(RECORDS FOR THE EXERCISE)

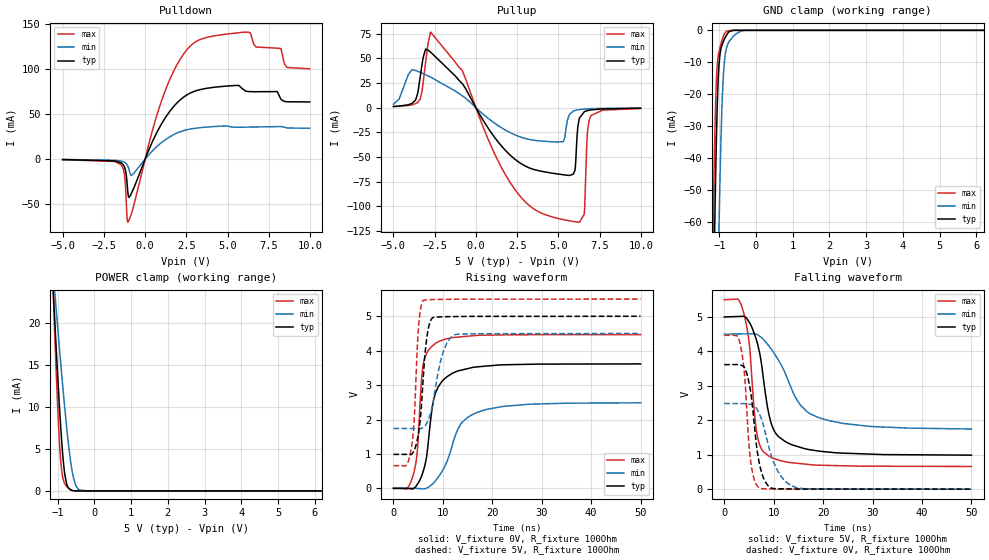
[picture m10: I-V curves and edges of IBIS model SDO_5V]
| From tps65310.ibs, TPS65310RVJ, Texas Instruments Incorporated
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[Model]   SDO_5V
Model_type   Output
Polarity   Non-Inverting
Vmeas = 2.25
Vref = 2.25
Cref = 15pF
Rref = 50
|   typ   min   max
|   (slow PVT)   (Fast PVT)   (nom PVT)
C_comp   2.616p   2.386p   2.689p
|C_comp (Hi state)   2.616p   2.386p   2.689p
|C_comp (OFF state)   2.843p   2.486p   2.854p
[Voltage Range]   5   4.5   5.5
[Temperature Range]   27   175   -40
[Pullup Reference]   5   4.5   5.5
[Pulldown Reference]   -0   -0   -0
[Power Clamp Reference]   5   4.5   5.5
[GND Clamp Reference]   -0   -0   -0
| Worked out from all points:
|   slope of the pulldown table from 0 to 0.75 V, typ, clamps not added: 24.2 ohm
|   slope of the pullup table from 0 to 0.75 V, typ, clamps not added: 36 ohm
|   GND clamp passes 1 mA (typ) near -0.77 V on its own axis
|   POWER clamp passes 1 mA (typ) near -0.76 V on its own axis
|   falling waveform, V_fixture 5V, R_fixture 100Ohm: 20-80 % time 3.04ns typ, 6.35ns min, 1.82ns max; typ from 5 V to 0.988 V
|   rising waveform, V_fixture 0V, R_fixture 100Ohm: 20-80 % time 2.44ns typ, 4.59ns min, 1.31ns max; typ from 0 V to 3.62 V
|   rising waveform, V_fixture 5V, R_fixture 100Ohm: 20-80 % time 1.33ns typ, 2.37ns min, 996ps max; typ from 0.986 V to 5 V
|   falling waveform, V_fixture 0V, R_fixture 100Ohm: 20-80 % time 1.87ns typ, 3.32ns min, 1.35ns max; typ from 3.62 V to 0 V
[Pulldown]
|   Voltage   I(typ)   I(min)   I(max)
-5V       -371.6uA   -250.6uA   -472uA
-1.46V    -3.95mA    -1.999mA   -6.002mA
-1.25V    -8.507mA   -3.314mA   -16.8mA
-1.04V    -37.57mA   -7.937mA   -69.83mA
-785mV    -36.05mA   -17.44mA   -57.79mA
1.06V     41.18mA    19.43mA    68.02mA
2.95V     75.07mA    34.13mA    128.9mA
6.28V     75.09mA    35.65mA    140.8mA
6.73V     74.9mA     35.79mA    124.5mA
8.23V     66.72mA    36.21mA    122.8mA
8.605V    63.75mA    34.66mA    101.8mA
9.985V    63.54mA    34.34mA    100.3mA
[GND Clamp]
|   Voltage   I(typ)   I(min)   I(max)
-5V       -3.827A    -3.89A     -3.808A
-1.175V   -98.93mA   -184.2mA   -67.97mA
-1.16V    -87.43mA   -172mA     -57.16mA
-1.13V    -65.69mA   -148mA     -37.82mA
-1.1V     -46.25mA   -124.9mA   -22.88mA
-1.055V   -23.59mA   -92.31mA   -10.98mA
-1.01V    -11.15mA   -63.22mA   -6.896mA
-935mV    -4.944mA   -26.84mA   -3.475mA
-890mV    -3.518mA   -14.45mA   -1.922mA
-770mV    -927.1uA   -4.363mA   -176.5uA
-320mV    0A         -32.63uA   0A
9.985V    0A         0A         0A
[Pullup]
|   Voltage   I(typ)   I(min)   I(max)
-5V       1.322mA    3.654mA    1.198mA
-3.395V   29.23mA    35.94mA    8.473mA
-2.75V    56.4mA     31.04mA    76.63mA
-830mV    24.39mA    12.12mA    37.74mA
3.16V     -60.37mA   -31.84mA   -97.91mA
5.29V     -67.83mA   -34.15mA   -113.3mA
5.905V    -67.31mA   -3.417mA   -115.1mA
6.25V     -12.22mA   -1.899mA   -115.9mA
6.565V    -4.176mA   -1.341mA   -108.1mA
6.76V     -2.921mA   -1.132mA   -25.76mA
6.985V    -2.161mA   -959.2uA   -8.054mA
9.985V    -475.2uA   -312.8uA   -726.2uA
[POWER Clamp]
|   Voltage   I(typ)   I(min)   I(max)
-5V       683.2mA    322.3mA    936.2mA
-1.13V    24.78mA    26.55mA    24.84mA
-1.07V    19.61mA    23.29mA    17.71mA
-965mV    11.13mA    17.75mA    6.919mA
-905mV    6.893mA    14.69mA    3.02mA
-860mV    4.254mA    12.47mA    1.588mA
-800mV    1.834mA    9.631mA    827.6uA
-725mV    503.6uA    6.377mA    408.9uA
-620mV    79.17uA    2.746mA    87.35uA
-500mV    5.699uA    602.6uA    3.606uA
-200mV    0A         1.19uA     0A
9.985V    0A         0A         0A
[Ramp]
R_load = 100
|   typ   min   max
dV/dt_r   2.16927/2.41962e-09   1.4912/4.51734e-09   2.67943/1.31165e-09
dV/dt_f   2.40747/3.03857e-09   1.65227/6.26486e-09   2.90476/1.82106e-09
[Falling Waveform]
V_fixture = 5V
V_fixture_min = 4.5V
V_fixture_max = 5.5V
R_fixture = 100Ohm
C_fixture = 0F
|   Time   V(typ)   V(min)   V(max)
0s        5V         4.5V       5.5V
3.813ns   5.019V     4.507V     5.179V
5.096ns   4.839V     4.51V      4.172V
6.048ns   4.522V     4.512V     2.304V
6.608ns   4.282V     4.491V     1.613V
8.772ns   2.363V     4.206V     986mV
11.16ns   1.505V     3.696V     835.4mV
15.15ns   1.225V     2.493V     745.5mV
19.1ns    1.106V     2.078V     696.2mV
50ns      987.6mV    1.746V     658.7mV
[Rising Waveform]
V_fixture = 0V
V_fixture_min = 0V
V_fixture_max = 0V
R_fixture = 100Ohm
C_fixture = 0F
|   Time   V(typ)   V(min)   V(max)
0s        1.108nV    471nV      758.9pV
2.684ns   494uV      238.1uV    -11.83mV
4.033ns   -8.221mV   357.5uV    402.8mV
4.862ns   125mV      -3.262mV   1.132V
5.542ns   305.4mV    -10.31mV   2.868V
6.048ns   509.3mV    -15.56mV   3.63V
8.505ns   2.768V     222.4mV    4.212V
13.66ns   3.432V     1.878V     4.403V
17.47ns   3.536V     2.233V     4.448V
50ns      3.615V     2.485V     4.466V
[Rising Waveform]
V_fixture = 5V
V_fixture_min = 4.5V
V_fixture_max = 5.5V
R_fixture = 100Ohm
C_fixture = 0F
|   Time   V(typ)   V(min)   V(max)
0s        986mV      1.738V     658.5mV
3.508ns   980.5mV    1.739V     1.083V
4.185ns   1.098V     1.738V     1.945V
5.096ns   1.624V     1.735V     4.713V
6.048ns   3.249V     1.768V     5.462V
6.756ns   4.389V     1.899V     5.479V
7.602ns   4.899V     2.239V     5.484V
9.914ns   4.984V     3.888V     5.491V
12.18ns   4.991V     4.447V     5.496V
50ns      5V         4.5V       5.5V
[Falling Waveform]
|Gnd
V_fixture = 0V
V_fixture_min = 0V
V_fixture_max = 0V
R_fixture = 100Ohm
C_fixture = 0F
|   Time   V(typ)   V(min)   V(max)
0s        3.616V     2.486V     4.466V
3.211ns   3.603V     2.483V     4.221V
4.033ns   3.54V      2.483V     3.425V
4.979ns   3.109V     2.472V     1.32V
5.387ns   2.777V     2.459V     759.6mV
7.069ns   769.3mV    2.198V     35.9mV
8.33ns    204.6mV    1.62V      10.21mV
10.3ns    14.32mV    674.8mV    5.478mV
14.22ns   4.468mV    64.62mV    3.57mV
50ns      17.2uV     67.06uV    4.349uV

(End RECORDS FOR THE EXERCISE)

The pictures in the data should be omitted, and every remaining line set down exactly.

[picture m10: I-V curves and edges of IBIS model SDO_5V]
| From tps65310.ibs, TPS65310RVJ, Texas Instruments Incorporated
[Model]   SDO_5V
Model_type   Output
Polarity   Non-Inverting
Vmeas = 2.25
Vref = 2.25
Cref = 15pF
Rref = 50
|   typ   min   max
|   (slow PVT)   (Fast PVT)   (nom PVT)
C_comp   2.616p   2.386p   2.689p
|C_comp (Hi state)   2.616p   2.386p   2.689p
|C_comp (OFF state)   2.843p   2.486p   2.854p
[Voltage Range]   5   4.5   5.5
[Temperature Range]   27   175   -40
[Pullup Reference]   5   4.5   5.5
[Pulldown Reference]   -0   -0   -0
[Power Clamp Reference]   5   4.5   5.5
[GND Clamp Reference]   -0   -0   -0
| Worked out from all points:
|   slope of the pulldown table from 0 to 0.75 V, typ, clamps not added: 24.2 ohm
|   slope of the pullup table from 0 to 0.75 V, typ, clamps not added: 36 ohm
|   GND clamp passes 1 mA (typ) near -0.77 V on its own axis
|   POWER clamp passes 1 mA (typ) near -0.76 V on its own axis
|   falling waveform, V_fixture 5V, R_fixture 100Ohm: 20-80 % time 3.04ns typ, 6.35ns min, 1.82ns max; typ from 5 V to 0.988 V
|   rising waveform, V_fixture 0V, R_fixture 100Ohm: 20-80 % time 2.44ns typ, 4.59ns min, 1.31ns max; typ from 0 V to 3.62 V
|   rising waveform, V_fixture 5V, R_fixture 100Ohm: 20-80 % time 1.33ns typ, 2.37ns min, 996ps max; typ from 0.986 V to 5 V
|   falling waveform, V_fixture 0V, R_fixture 100Ohm: 20-80 % time 1.87ns typ, 3.32ns min, 1.35ns max; typ from 3.62 V to 0 V
[Pulldown]
|   Voltage   I(typ)   I(min)   I(max)
-5V       -371.6uA   -250.6uA   -472uA
-1.46V    -3.95mA    -1.999mA   -6.002mA
-1.25V    -8.507mA   -3.314mA   -16.8mA
-1.04V    -37.57mA   -7.937mA   -69.83mA
-785mV    -36.05mA   -17.44mA   -57.79mA
1.06V     41.18mA    19.43mA    68.02mA
2.95V     75.07mA    34.13mA    128.9mA
6.28V     75.09mA    35.65mA    140.8mA
6.73V     74.9mA     35.79mA    124.5mA
8.23V     66.72mA    36.21mA    122.8mA
8.605V    63.75mA    34.66mA    101.8mA
9.985V    63.54mA    34.34mA    100.3mA
[GND Clamp]
|   Voltage   I(typ)   I(min)   I(max)
-5V       -3.827A    -3.89A     -3.808A
-1.175V   -98.93mA   -184.2mA   -67.97mA
-1.16V    -87.43mA   -172mA     -57.16mA
-1.13V    -65.69mA   -148mA     -37.82mA
-1.1V     -46.25mA   -124.9mA   -22.88mA
-1.055V   -23.59mA   -92.31mA   -10.98mA
-1.01V    -11.15mA   -63.22mA   -6.896mA
-935mV    -4.944mA   -26.84mA   -3.475mA
-890mV    -3.518mA   -14.45mA   -1.922mA
-770mV    -927.1uA   -4.363mA   -176.5uA
-320mV    0A         -32.63uA   0A
9.985V    0A         0A         0A
[Pullup]
|   Voltage   I(typ)   I(min)   I(max)
-5V       1.322mA    3.654mA    1.198mA
-3.395V   29.23mA    35.94mA    8.473mA
-2.75V    56.4mA     31.04mA    76.63mA
-830mV    24.39mA    12.12mA    37.74mA
3.16V     -60.37mA   -31.84mA   -97.91mA
5.29V     -67.83mA   -34.15mA   -113.3mA
5.905V    -67.31mA   -3.417mA   -115.1mA
6.25V     -12.22mA   -1.899mA   -115.9mA
6.565V    -4.176mA   -1.341mA   -108.1mA
6.76V     -2.921mA   -1.132mA   -25.76mA
6.985V    -2.161mA   -959.2uA   -8.054mA
9.985V    -475.2uA   -312.8uA   -726.2uA
[POWER Clamp]
|   Voltage   I(typ)   I(min)   I(max)
-5V       683.2mA    322.3mA    936.2mA
-1.13V    24.78mA    26.55mA    24.84mA
-1.07V    19.61mA    23.29mA    17.71mA
-965mV    11.13mA    17.75mA    6.919mA
-905mV    6.893mA    14.69mA    3.02mA
-860mV    4.254mA    12.47mA    1.588mA
-800mV    1.834mA    9.631mA    827.6uA
-725mV    503.6uA    6.377mA    408.9uA
-620mV    79.17uA    2.746mA    87.35uA
-500mV    5.699uA    602.6uA    3.606uA
-200mV    0A         1.19uA     0A
9.985V    0A         0A         0A
[Ramp]
R_load = 100
|   typ   min   max
dV/dt_r   2.16927/2.41962e-09   1.4912/4.51734e-09   2.67943/1.31165e-09
dV/dt_f   2.40747/3.03857e-09   1.65227/6.26486e-09   2.90476/1.82106e-09
[Falling Waveform]
V_fixture = 5V
V_fixture_min = 4.5V
V_fixture_max = 5.5V
R_fixture = 100Ohm
C_fixture = 0F
|   Time   V(typ)   V(min)   V(max)
0s        5V         4.5V       5.5V
3.813ns   5.019V     4.507V     5.179V
5.096ns   4.839V     4.51V      4.172V
6.048ns   4.522V     4.512V     2.304V
6.608ns   4.282V     4.491V     1.613V
8.772ns   2.363V     4.206V     986mV
11.16ns   1.505V     3.696V     835.4mV
15.15ns   1.225V     2.493V     745.5mV
19.1ns    1.106V     2.078V     696.2mV
50ns      987.6mV    1.746V     658.7mV
[Rising Waveform]
V_fixture = 0V
V_fixture_min = 0V
V_fixture_max = 0V
R_fixture = 100Ohm
C_fixture = 0F
|   Time   V(typ)   V(min)   V(max)
0s        1.108nV    471nV      758.9pV
2.684ns   494uV      238.1uV    -11.83mV
4.033ns   -8.221mV   357.5uV    402.8mV
4.862ns   125mV      -3.262mV   1.132V
5.542ns   305.4mV    -10.31mV   2.868V
6.048ns   509.3mV    -15.56mV   3.63V
8.505ns   2.768V     222.4mV    4.212V
13.66ns   3.432V     1.878V     4.403V
17.47ns   3.536V     2.233V     4.448V
50ns      3.615V     2.485V     4.466V
[Rising Waveform]
V_fixture = 5V
V_fixture_min = 4.5V
V_fixture_max = 5.5V
R_fixture = 100Ohm
C_fixture = 0F
|   Time   V(typ)   V(min)   V(max)
0s        986mV      1.738V     658.5mV
3.508ns   980.5mV    1.739V     1.083V
4.185ns   1.098V     1.738V     1.945V
5.096ns   1.624V     1.735V     4.713V
6.048ns   3.249V     1.768V     5.462V
6.756ns   4.389V     1.899V     5.479V
7.602ns   4.899V     2.239V     5.484V
9.914ns   4.984V     3.888V     5.491V
12.18ns   4.991V     4.447V     5.496V
50ns      5V         4.5V       5.5V
[Falling Waveform]
|Gnd
V_fixture = 0V
V_fixture_min = 0V
V_fixture_max = 0V
R_fixture = 100Ohm
C_fixture = 0F
|   Time   V(typ)   V(min)   V(max)
0s        3.616V     2.486V     4.466V
3.211ns   3.603V     2.483V     4.221V
4.033ns   3.54V      2.483V     3.425V
4.979ns   3.109V     2.472V     1.32V
5.387ns   2.777V     2.459V     759.6mV
7.069ns   769.3mV    2.198V     35.9mV
8.33ns    204.6mV    1.62V      10.21mV
10.3ns    14.32mV    674.8mV    5.478mV
14.22ns   4.468mV    64.62mV    3.57mV
50ns      17.2uV     67.06uV    4.349uV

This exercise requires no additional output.